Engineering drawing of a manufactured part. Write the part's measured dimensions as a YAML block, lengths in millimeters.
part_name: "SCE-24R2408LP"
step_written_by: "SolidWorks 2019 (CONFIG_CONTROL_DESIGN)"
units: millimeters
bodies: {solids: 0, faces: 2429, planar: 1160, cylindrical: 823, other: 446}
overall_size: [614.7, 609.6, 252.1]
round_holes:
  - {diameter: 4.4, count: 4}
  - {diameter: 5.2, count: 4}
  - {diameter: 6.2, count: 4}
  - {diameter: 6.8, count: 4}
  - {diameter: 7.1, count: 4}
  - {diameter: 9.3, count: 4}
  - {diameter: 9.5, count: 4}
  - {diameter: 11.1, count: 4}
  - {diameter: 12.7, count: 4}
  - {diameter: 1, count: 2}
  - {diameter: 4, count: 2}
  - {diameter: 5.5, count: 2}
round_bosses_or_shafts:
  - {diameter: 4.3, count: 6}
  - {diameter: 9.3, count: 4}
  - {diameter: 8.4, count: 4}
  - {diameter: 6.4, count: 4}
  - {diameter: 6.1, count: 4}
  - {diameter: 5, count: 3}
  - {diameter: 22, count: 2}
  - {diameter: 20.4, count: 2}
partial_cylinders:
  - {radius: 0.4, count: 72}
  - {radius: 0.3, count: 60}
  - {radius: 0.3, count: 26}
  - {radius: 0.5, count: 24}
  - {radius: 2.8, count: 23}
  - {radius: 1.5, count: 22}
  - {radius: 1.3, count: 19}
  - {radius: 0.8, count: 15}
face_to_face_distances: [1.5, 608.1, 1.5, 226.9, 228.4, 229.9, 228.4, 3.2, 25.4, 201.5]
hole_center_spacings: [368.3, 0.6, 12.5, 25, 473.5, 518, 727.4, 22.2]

### What the task requires
Reproduce every line of the material exactly.

### Output of the exercise
Engineering drawing of a manufactured part. Write the part's measured dimensions as a YAML block, lengths in millimeters.
part_name: "SCE-24R2408LP"
step_written_by: "SolidWorks 2019 (CONFIG_CONTROL_DESIGN)"
units: millimeters
bodies: {solids: 0, faces: 2429, planar: 1160, cylindrical: 823, other: 446}
overall_size: [614.7, 609.6, 252.1]
round_holes:
  - {diameter: 4.4, count: 4}
  - {diameter: 5.2, count: 4}
  - {diameter: 6.2, count: 4}
  - {diameter: 6.8, count: 4}
  - {diameter: 7.1, count: 4}
  - {diameter: 9.3, count: 4}
  - {diameter: 9.5, count: 4}
  - {diameter: 11.1, count: 4}
  - {diameter: 12.7, count: 4}
  - {diameter: 1, count: 2}
  - {diameter: 4, count: 2}
  - {diameter: 5.5, count: 2}
round_bosses_or_shafts:
  - {diameter: 4.3, count: 6}
  - {diameter: 9.3, count: 4}
  - {diameter: 8.4, count: 4}
  - {diameter: 6.4, count: 4}
  - {diameter: 6.1, count: 4}
  - {diameter: 5, count: 3}
  - {diameter: 22, count: 2}
  - {diameter: 20.4, count: 2}
partial_cylinders:
  - {radius: 0.4, count: 72}
  - {radius: 0.3, count: 60}
  - {radius: 0.3, count: 26}
  - {radius: 0.5, count: 24}
  - {radius: 2.8, count: 23}
  - {radius: 1.5, count: 22}
  - {radius: 1.3, count: 19}
  - {radius: 0.8, count: 15}
face_to_face_distances: [1.5, 608.1, 1.5, 226.9, 228.4, 229.9, 228.4, 3.2, 25.4, 201.5]
hole_center_spacings: [368.3, 0.6, 12.5, 25, 473.5, 518, 727.4, 22.2]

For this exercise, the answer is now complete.